A medical worker cares for a newborn baby lying inside an incubator at Jingzhou Maternity and Child Health Hospital on the eve of Chinese New Year, the year of the ox, on February 11 from 2021 in Jingzhou, Hubei Province, China.
Huang Zhigang | Visual China Group | Getty Images
BEIJING – Chinese policy on the only child for decades has gained renewed attention in recent weeks, after authorities gave mixed signals about whether they were closer to abolishing the limits on the number of children they may have.
Authorities have backtracked on the one-child political controversy in recent years to allow people to have two children. But economists say other changes are needed to boost growth as births fall and China’s population ages rapidly.
“There are two ways to approach it. One way is to relax birth control, something (that) will help on the sidelines, but even if they completely relax control (it’s) probably hard to reverse the trend,” he said. dir Zhiwei Zhang, chief economist at Pinpoint Asset Management.
“The other way to deal with it, from an economic policy perspective, is to make the industry more dependent on other sectors,” he said.
The Chinese economy has relied heavily on industries such as manufacturing that require large amounts of cheap labor. But rising wages make Chinese factories less attractive, while workers will need superior skills to help the country become more innovative.
The biggest problem for China is that an aging population is fueling an existing issue: slower growth in labor productivity, said Alicia Garcia-Herrero, chief economist at Natixis in Asia-Pacific. It is looking to see if China will grow more in capital-intensive sectors, which is more based on investment in automation.
Births will fall by 15% in 2020
China introduced its one-child policy in the late 1970s in an effort to curb population growth. According to official figures, the country had doubled in size, from more than 500 million people in the 1940s to more than a billion in the 1980s.
Over the next 40 years, the population grew by only 40%, to 1.4 billion, more than four times that of the US today.
I don’t think the relaxation of birth policy can have a big economic impact because the slow population growth has not been due to policy restriction, not in the last 20 years.
Dan Wang |
chief economist, Hang Seng China.
Similar to other major economies, the high costs of housing and education in China have deterred people from having children in recent years.
Despite a change in 2016 that allowed families to have two children, births fell for the fourth year in a row in 2020 and fell 15% to 10 million, according to the analysis of a public safety report.
“Overall, I don’t think the relaxation of the birth policy can have a big economic impact because the slow population growth has not been due to the restriction of the policy, not in the last 20 years,” Dan said. Wang, Shanghai. -Economist in chief at Hang Seng China.
He said that, based on the experience of other countries, the most effective policy for a country the size of China would be to accommodate more migrants, but that would be an unlikely change in the short term.
Other options that policymakers are already pursuing are raising the retirement age, raising the skills of the existing workforce with more education, and using more machines and artificial intelligence to replace human workers, Wang said.
Policy change is only a matter of time
The one-child policy gained attention last month when the National Health Commission released a statement authorizing the investigation into the economic benefits of removing birth restrictions in the Northeast region. The three-province area, known as Dongbei, has struggled economically and has the lowest birth rates in the country.
Two days later, the commission issued another statement saying the news was not a test for the total repeal of family planning policy, despite the numerous online speculations in question.
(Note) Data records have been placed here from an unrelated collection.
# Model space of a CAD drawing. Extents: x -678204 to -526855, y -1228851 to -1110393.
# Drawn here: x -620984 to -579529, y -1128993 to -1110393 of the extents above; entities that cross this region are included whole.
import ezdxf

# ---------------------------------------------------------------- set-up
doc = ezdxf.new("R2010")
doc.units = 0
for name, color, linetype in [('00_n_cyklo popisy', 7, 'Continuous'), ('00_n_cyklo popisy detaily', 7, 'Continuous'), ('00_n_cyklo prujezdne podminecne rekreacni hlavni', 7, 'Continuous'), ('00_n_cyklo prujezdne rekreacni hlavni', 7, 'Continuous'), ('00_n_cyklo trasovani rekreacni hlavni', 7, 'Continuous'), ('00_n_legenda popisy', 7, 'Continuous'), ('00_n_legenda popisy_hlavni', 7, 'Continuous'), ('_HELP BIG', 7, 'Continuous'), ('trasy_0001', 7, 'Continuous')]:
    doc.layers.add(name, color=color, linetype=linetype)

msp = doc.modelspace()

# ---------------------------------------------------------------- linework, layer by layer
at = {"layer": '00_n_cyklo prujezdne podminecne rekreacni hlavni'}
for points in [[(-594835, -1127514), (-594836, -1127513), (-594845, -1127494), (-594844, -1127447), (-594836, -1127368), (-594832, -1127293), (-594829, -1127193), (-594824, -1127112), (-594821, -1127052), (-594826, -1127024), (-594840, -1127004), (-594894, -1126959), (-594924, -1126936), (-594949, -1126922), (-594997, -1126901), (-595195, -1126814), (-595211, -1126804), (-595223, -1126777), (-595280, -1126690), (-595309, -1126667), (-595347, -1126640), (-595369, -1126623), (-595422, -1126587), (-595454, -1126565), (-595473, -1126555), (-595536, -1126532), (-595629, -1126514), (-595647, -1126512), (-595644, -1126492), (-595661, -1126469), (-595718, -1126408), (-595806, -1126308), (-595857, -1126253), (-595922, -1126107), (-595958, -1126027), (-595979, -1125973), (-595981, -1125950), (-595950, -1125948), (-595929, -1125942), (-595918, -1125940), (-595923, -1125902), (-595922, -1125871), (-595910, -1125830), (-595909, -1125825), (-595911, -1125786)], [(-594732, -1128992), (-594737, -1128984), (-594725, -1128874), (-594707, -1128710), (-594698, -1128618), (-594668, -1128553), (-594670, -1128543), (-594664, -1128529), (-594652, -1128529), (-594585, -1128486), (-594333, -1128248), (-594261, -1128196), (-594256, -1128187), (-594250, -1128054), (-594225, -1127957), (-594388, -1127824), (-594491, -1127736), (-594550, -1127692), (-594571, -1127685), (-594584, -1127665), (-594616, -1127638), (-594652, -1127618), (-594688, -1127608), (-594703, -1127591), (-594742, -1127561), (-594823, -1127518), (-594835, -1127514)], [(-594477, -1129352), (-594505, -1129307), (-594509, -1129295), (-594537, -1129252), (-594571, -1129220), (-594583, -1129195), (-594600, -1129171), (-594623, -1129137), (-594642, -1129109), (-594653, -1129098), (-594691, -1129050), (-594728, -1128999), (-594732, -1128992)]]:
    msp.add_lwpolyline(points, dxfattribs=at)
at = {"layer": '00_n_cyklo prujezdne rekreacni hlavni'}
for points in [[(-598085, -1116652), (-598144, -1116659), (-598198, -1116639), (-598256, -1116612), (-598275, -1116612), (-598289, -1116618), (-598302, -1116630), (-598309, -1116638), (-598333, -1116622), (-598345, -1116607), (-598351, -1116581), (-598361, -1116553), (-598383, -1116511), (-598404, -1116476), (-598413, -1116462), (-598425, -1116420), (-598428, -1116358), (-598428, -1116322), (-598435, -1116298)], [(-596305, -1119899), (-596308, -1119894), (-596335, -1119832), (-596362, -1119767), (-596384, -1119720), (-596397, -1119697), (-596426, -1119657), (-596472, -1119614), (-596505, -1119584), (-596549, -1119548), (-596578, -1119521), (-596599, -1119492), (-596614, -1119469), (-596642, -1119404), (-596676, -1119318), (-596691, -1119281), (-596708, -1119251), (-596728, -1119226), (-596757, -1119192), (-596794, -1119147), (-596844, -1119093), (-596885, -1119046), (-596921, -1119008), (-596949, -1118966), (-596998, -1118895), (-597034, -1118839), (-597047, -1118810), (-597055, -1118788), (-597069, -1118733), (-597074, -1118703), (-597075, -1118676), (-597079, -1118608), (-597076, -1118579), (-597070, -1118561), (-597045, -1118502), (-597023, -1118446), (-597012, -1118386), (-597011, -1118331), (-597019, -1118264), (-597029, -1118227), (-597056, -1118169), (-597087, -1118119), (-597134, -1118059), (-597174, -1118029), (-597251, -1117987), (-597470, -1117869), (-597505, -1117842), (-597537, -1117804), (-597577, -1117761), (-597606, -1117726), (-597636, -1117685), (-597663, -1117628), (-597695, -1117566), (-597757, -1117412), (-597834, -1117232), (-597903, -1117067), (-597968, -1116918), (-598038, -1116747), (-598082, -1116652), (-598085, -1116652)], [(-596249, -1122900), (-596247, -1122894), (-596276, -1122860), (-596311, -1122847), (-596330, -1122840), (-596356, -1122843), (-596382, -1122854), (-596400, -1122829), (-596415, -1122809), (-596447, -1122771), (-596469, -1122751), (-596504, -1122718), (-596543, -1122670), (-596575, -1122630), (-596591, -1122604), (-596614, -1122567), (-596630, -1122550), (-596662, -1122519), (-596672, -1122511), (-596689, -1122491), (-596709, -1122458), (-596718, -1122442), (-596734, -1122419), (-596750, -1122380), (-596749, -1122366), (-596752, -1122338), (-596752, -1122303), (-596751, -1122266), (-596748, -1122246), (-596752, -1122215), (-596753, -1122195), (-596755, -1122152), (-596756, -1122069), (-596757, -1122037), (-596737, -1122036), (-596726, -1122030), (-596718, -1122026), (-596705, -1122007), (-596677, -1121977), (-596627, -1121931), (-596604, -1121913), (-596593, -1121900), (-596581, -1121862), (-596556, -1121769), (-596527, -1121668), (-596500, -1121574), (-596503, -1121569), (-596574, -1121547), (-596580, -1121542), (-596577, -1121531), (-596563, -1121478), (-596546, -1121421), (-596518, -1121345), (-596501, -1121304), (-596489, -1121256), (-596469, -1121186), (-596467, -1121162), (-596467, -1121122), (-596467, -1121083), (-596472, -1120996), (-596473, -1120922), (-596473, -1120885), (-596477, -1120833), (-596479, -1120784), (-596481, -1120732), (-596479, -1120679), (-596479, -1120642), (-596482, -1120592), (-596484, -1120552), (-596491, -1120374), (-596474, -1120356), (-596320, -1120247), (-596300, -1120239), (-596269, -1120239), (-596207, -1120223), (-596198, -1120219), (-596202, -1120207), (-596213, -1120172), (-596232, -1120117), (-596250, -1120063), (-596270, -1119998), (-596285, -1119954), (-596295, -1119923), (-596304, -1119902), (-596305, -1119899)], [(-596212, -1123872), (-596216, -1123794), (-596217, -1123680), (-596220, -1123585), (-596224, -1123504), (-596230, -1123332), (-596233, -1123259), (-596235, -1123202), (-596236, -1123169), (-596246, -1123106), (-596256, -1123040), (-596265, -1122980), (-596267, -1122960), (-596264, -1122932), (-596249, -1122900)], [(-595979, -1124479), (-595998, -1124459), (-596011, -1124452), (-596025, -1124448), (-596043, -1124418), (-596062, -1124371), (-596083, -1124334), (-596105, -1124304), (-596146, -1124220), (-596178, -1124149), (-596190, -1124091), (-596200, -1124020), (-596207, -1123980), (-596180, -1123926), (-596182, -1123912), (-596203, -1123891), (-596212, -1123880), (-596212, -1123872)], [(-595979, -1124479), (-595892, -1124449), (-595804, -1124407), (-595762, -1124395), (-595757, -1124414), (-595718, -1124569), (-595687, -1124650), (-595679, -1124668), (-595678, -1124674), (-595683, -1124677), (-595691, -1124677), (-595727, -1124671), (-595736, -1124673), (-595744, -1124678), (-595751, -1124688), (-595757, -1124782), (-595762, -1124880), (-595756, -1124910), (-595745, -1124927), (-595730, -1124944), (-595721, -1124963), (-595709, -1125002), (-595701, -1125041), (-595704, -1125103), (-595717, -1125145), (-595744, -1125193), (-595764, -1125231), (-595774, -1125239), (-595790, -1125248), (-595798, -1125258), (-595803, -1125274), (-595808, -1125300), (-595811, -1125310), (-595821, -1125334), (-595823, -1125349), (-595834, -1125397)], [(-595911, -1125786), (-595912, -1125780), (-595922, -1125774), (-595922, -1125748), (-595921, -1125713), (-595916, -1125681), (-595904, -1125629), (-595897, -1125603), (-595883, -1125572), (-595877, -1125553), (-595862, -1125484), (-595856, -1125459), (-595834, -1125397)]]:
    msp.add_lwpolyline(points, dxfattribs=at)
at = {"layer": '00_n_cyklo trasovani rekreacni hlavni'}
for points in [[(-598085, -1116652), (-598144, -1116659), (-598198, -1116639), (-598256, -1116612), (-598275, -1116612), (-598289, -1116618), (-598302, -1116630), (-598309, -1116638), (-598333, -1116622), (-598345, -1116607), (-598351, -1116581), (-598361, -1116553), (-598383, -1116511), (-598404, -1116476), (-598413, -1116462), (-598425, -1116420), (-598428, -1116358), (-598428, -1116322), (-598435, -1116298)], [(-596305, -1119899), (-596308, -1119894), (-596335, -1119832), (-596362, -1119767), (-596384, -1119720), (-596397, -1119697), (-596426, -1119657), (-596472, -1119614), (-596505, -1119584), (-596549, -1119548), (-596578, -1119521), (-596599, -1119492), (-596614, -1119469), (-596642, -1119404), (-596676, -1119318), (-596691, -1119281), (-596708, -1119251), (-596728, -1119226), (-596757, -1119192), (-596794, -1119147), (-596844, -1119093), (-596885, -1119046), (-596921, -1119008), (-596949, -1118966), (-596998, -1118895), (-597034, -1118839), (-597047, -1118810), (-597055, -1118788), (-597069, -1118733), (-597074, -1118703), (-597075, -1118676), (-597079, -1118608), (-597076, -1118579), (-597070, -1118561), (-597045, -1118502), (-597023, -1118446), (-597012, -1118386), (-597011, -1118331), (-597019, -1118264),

But removing the limits is likely only a matter of time, according to economists interviewed by CNBC.
Yi Fuxian, a one-child policy critic and author of the book “Great Country with an Empty Nest,” said he expects a decision by the end of the year, after China publishes census results once every ten years . April.
Challenges of the aging of the Chinese population
The Chinese government has also said that implementing a strategy to respond to the aging population will be a priority for its next five-year plan, which will be officially approved at a parliamentary session starting this week.
Meanwhile, generations born before the implementation of the one-child policy in the 1980s are becoming an important segment. In the next ten years, 123.9 million more people will fall into the age category of 55 or older, the largest demographic increase among all age ranges, according to Morgan Stanley.
This demographic change will create its own economic demands, said Liu Xiangdong, deputy director of the economic research department of the China-based Center for International Economic Exchange in Beijing.
Liu said more workers will be needed to care for the elderly, while retiree communities and other infrastructure adapted to a larger population will have greater demand.